PD Smith

City: A Guidebook for the Urban Age

Today, for the first time in history more than half the population of the planet live in cities. Two hundred years ago, just three per cent were city dwellers, but by 2050, 75 per cent will be urbanites. My new book City is a guidebook to our urban age, taking the reader on a journey through the past, present and future of the world’s cities.

The experience of living in cities is universal. As one historian has written: ‘A town is always a town, wherever it is located, in time as well as space.’ The first cities were built in the fertile land between the rivers of the Tigris and the Euphrates in the south of Mesopotamia, part of modern Iraq.

When the first city builders set out on their urban experiment thousands of years ago, they created far more than a new man-made environment built of mud bricks. From them emerged the building blocks of civilisation, including essential skills such as writing and mathematics.

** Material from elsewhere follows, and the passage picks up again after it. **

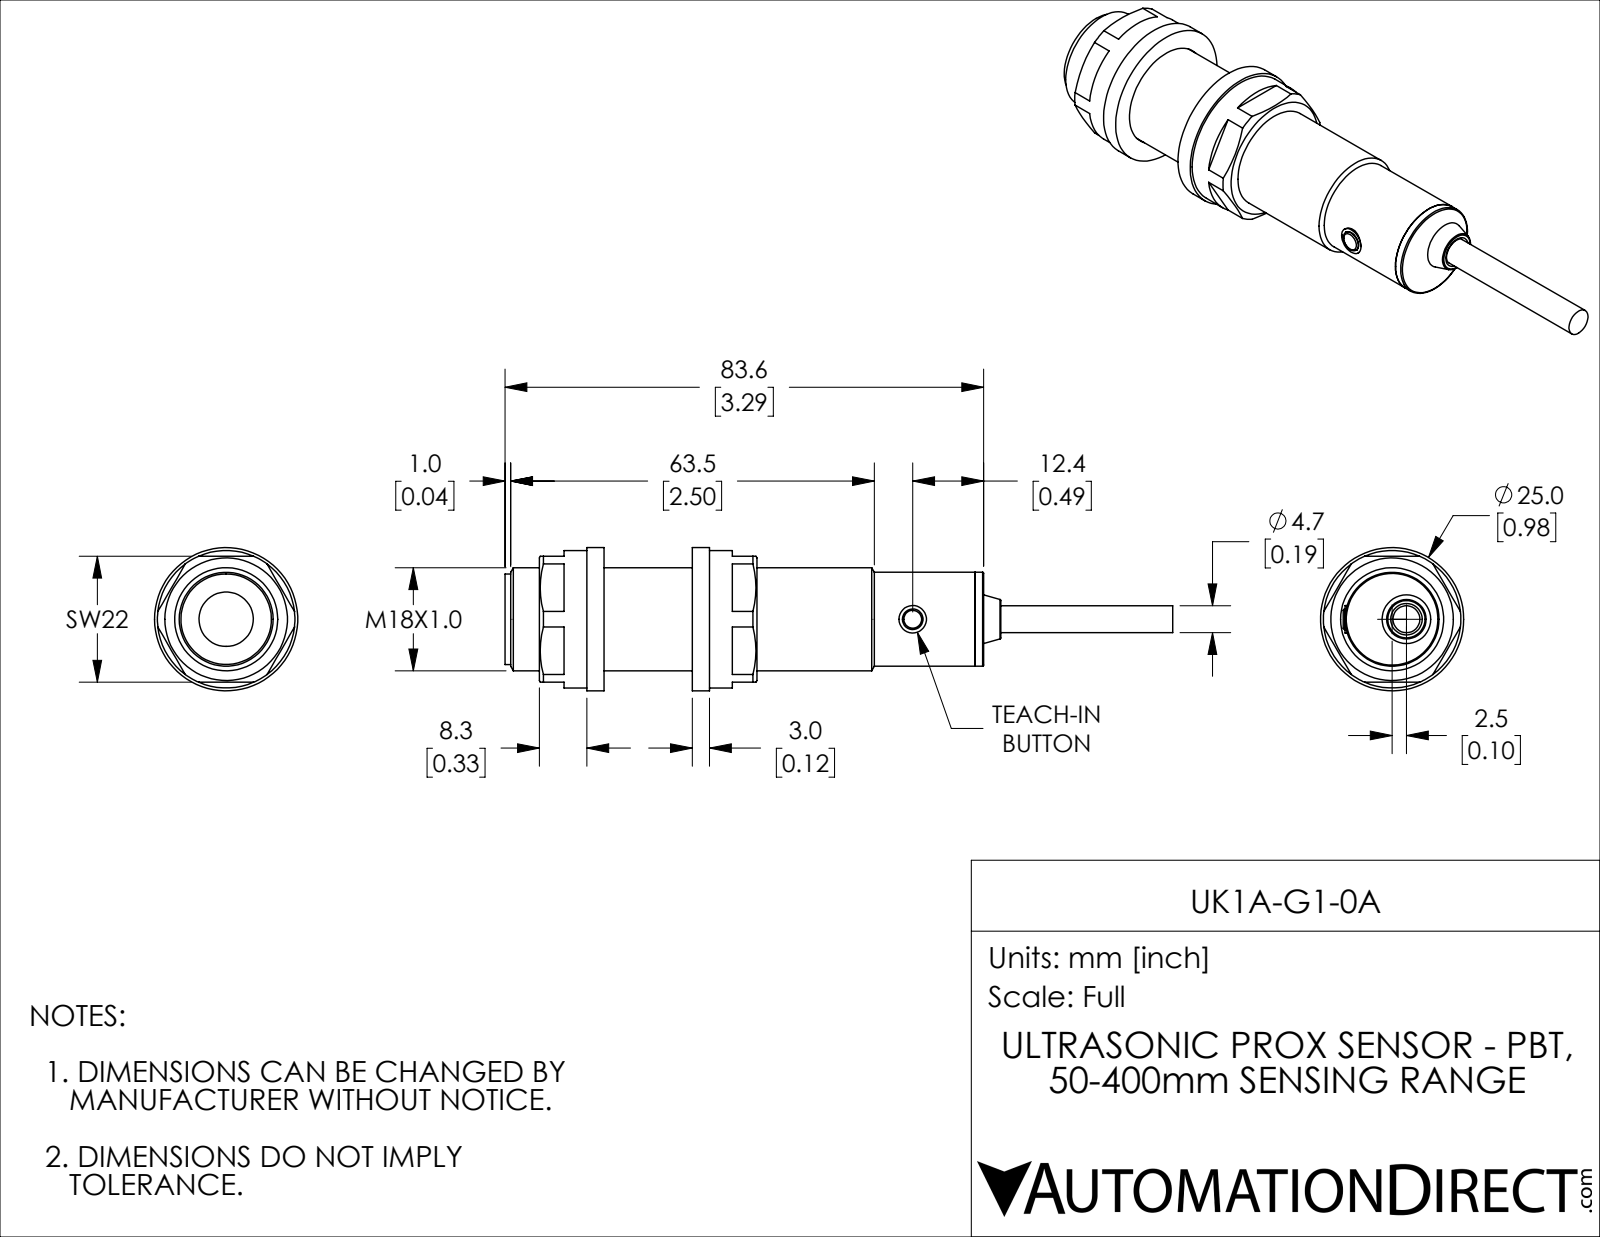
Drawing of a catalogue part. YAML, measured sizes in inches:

City dwellers created a new way of being. Humanity was reinvented in these pioneering cities. Urban communities formed a revolutionary social and moral order that broke free from the rigid structures – tribes and clans – of the rural world. According to a medieval German saying, ‘Stadtluft macht frei’, city air sets you free. You can be whatever you want to be in a city.

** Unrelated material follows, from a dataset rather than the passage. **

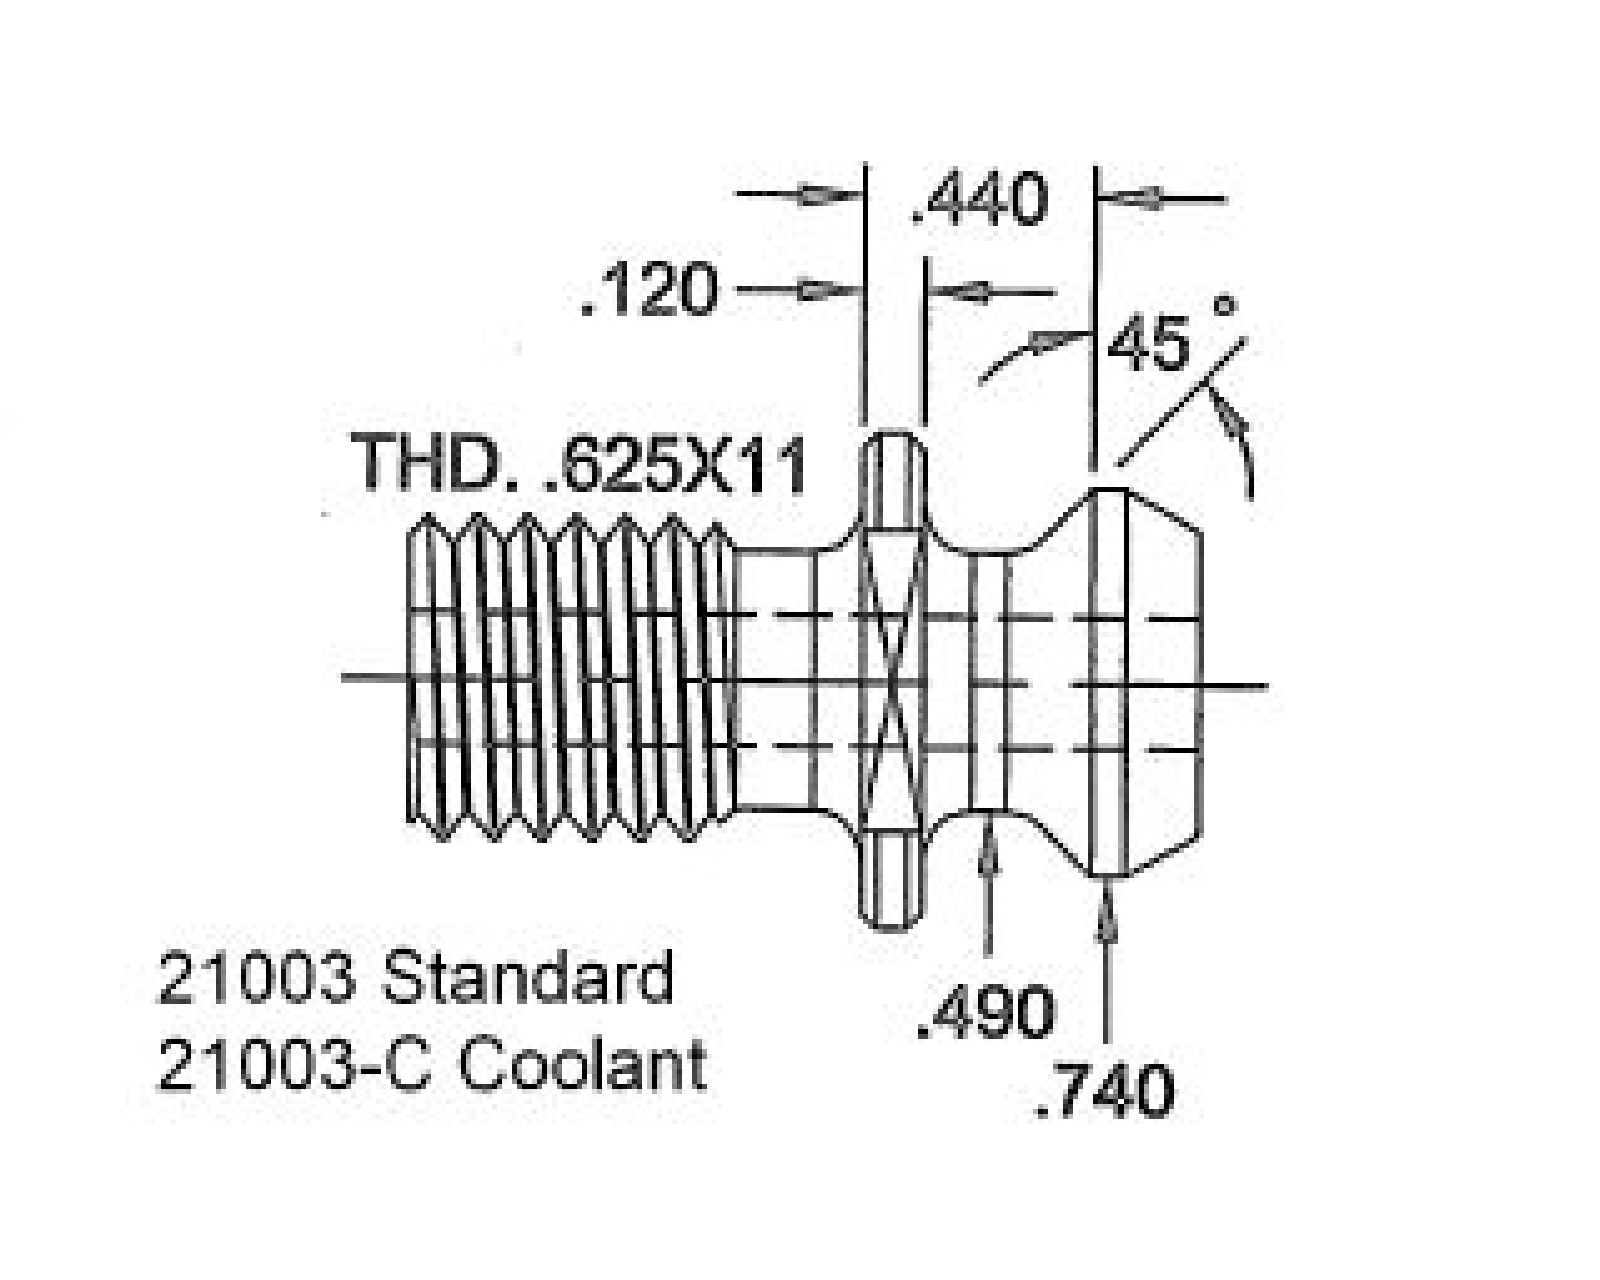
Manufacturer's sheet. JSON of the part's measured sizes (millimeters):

Above all, what motivated me to write City was a desire to explore and celebrate what is undoubtedly humankind’s greatest achievement. They are complex and increasingly sophisticated technological environments that (pace Winston Churchill) shape us as we shape them.

When you have spent all your life in cities, it is easy to forget the exhilarating sense of awe felt by those who encounter the city for the first time. The German poet Heinrich Heine experienced this in 1827: ‘I have seen the greatest wonder which the world can show to the astonished spirit; I have seen it, and am more astonished than ever – and still there remains fixed in my memory that stone forest of houses, and amid them the rushing stream of faces, of living human faces, with all their motley passions, all their terrible impulses of love, of hunger, and of hate – I am speaking of London.’

Heine’s words speak powerfully of the potentiality and sheer concentrated energy of the city: intense, overwhelming, exciting, chaotic, and sometimes more than a little scary.

Poets like Heine make the world anew through their work, so that we see it as if for the first time. They make the stone stony, in Viktor Shklovsky’s memorable phrase. I hope my book will reawaken in you, the reader, something of the sense of wonder that Heine felt on seeing London for the first time.

Iain Sinclair is right when he says that ‘walking is the best way to explore and exploit the city’. To really understand a city, you need to walk its streets, reading its geography and history through the soles of your feet. My book is designed with this in mind, as a guidebook to an imaginary ‘Everycity’. It will accompany you on your way around those many features of urban life and geography that have been present in cities since the beginning and have become part of our urban genetic code.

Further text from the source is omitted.